Feasibility on development of kinetic-energy harvesting floors

Abstract

Abstract Electricity consumption in big cities has been increasing, especially in crowded areas. Although there is a large amount of energy usage in such places, people can generate the unnoticeable electrical energy from their footsteps. This paper aims to present the feasibility on development of an energy harvesting floor—called Genpath—using a rotational electromagnetic (EM) technique to generate electricity from the human’s footsteps. The system in Genpath comprises two main parts: the EM generator and the power management and storage circuit.
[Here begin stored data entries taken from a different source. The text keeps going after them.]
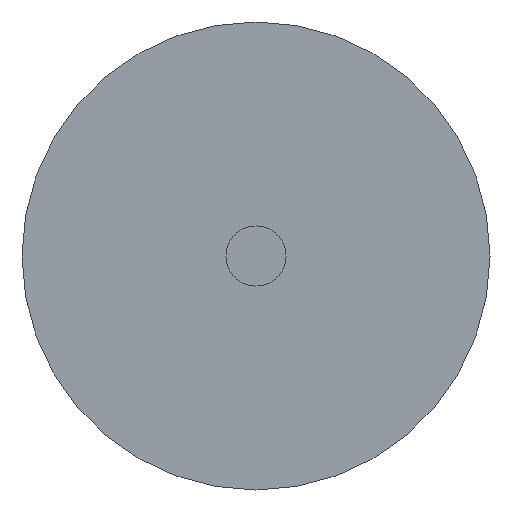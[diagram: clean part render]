
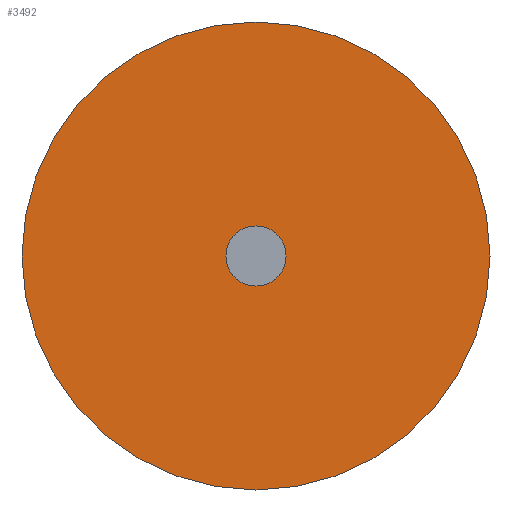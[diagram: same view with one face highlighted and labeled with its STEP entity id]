
A CAD part, front view. The second image highlights one B-rep face of the part: STEP entity #3492.
In plain terms, the highlighted planar face has unit normal (0, -1, 0).
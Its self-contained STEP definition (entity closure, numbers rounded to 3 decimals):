
#3192=CARTESIAN_POINT('',(70.,-27.5,0.0));
#3193=VERTEX_POINT('',#3192);
#3209=CARTESIAN_POINT('',(-70.,-27.5,0.));
#3210=VERTEX_POINT('',#3209);
#3217=CARTESIAN_POINT('',(0.0,-27.5,0.0));
#3218=DIRECTION('',(0.0,-1.0,0.0));
#3219=DIRECTION('',(1.0,0.0,0.0));
#3220=AXIS2_PLACEMENT_3D('',#3217,#3218,#3219);
#3221=CIRCLE('',#3220,70.);
#3222=EDGE_CURVE('',#3193,#3210,#3221,.T.);
#3284=CARTESIAN_POINT('',(9.,-27.5,0.0));
#3285=VERTEX_POINT('',#3284);
#3310=CARTESIAN_POINT('',(-9.,-27.5,0.));
#3311=VERTEX_POINT('',#3310);
#3318=CARTESIAN_POINT('',(0.0,-27.5,0.0));
#3319=DIRECTION('',(0.0,-1.0,0.0));
#3320=DIRECTION('',(1.0,0.0,0.0));
#3321=AXIS2_PLACEMENT_3D('',#3318,#3319,#3320);
#3322=CIRCLE('',#3321,9.);
#3323=EDGE_CURVE('',#3311,#3285,#3322,.T.);
#3402=CARTESIAN_POINT('',(0.0,-27.5,0.0));
#3403=DIRECTION('',(0.0,-1.0,0.0));
#3404=DIRECTION('',(1.0,0.0,0.0));
#3405=AXIS2_PLACEMENT_3D('',#3402,#3403,#3404);
#3406=CIRCLE('',#3405,9.);
#3407=EDGE_CURVE('',#3285,#3311,#3406,.T.);
#3467=CARTESIAN_POINT('',(0.0,-27.5,0.0));
#3468=DIRECTION('',(0.0,-1.0,0.0));
#3469=DIRECTION('',(1.0,0.0,0.0));
#3470=AXIS2_PLACEMENT_3D('',#3467,#3468,#3469);
#3471=CIRCLE('',#3470,70.);
#3472=EDGE_CURVE('',#3210,#3193,#3471,.T.);
#3479=CARTESIAN_POINT('',(39.5,-27.5,0.0));
#3480=DIRECTION('',(0.0,-1.0,0.0));
#3481=DIRECTION('',(0.0,0.0,-1.0));
#3482=AXIS2_PLACEMENT_3D('',#3479,#3480,#3481);
#3483=PLANE('',#3482);
#3484=ORIENTED_EDGE('',*,*,#3222,.T.);
#3485=ORIENTED_EDGE('',*,*,#3472,.T.);
#3486=EDGE_LOOP('',(#3484,#3485));
#3487=FACE_OUTER_BOUND('',#3486,.T.);
#3488=ORIENTED_EDGE('',*,*,#3407,.F.);
#3489=ORIENTED_EDGE('',*,*,#3323,.F.);
#3490=EDGE_LOOP('',(#3488,#3489));
#3491=FACE_BOUND('',#3490,.T.);
#3492=ADVANCED_FACE('',(#3487,#3491),#3483,.T.);

After stepping over the floor, a rack-pinion mechanism under the floor converses the linear translation from a footstep into the rotation to drive a DC-generator to generate electricity. The EM generator yields an average energy per footstep of about 199 mJ (or average power of 331 mW) and the maximal voltage of 19 V at the rated 140-Ω load resistance. This amount of energy is sufficient for low power consumption electrical devices. The efficiency of the EM generator in Genpath is 16.6% based on the power generation from the heel strike of the human’s walk of 2 W per step. Among overall energy generated by the generator, 68% of generated energy is stored in the 9-V rechargeable batteries and the rest is supplied to the 4-V, LED instantaneous loads. The power management and storage circuit consisting of the diodes and DC-DC buck voltage converters was successfully designed. With 54% efficiency of the circuit, the average energy per step of 169 mJ can be stored in the rechargeable battery, and the other 4.7 mJ can be supplied to the LED loads.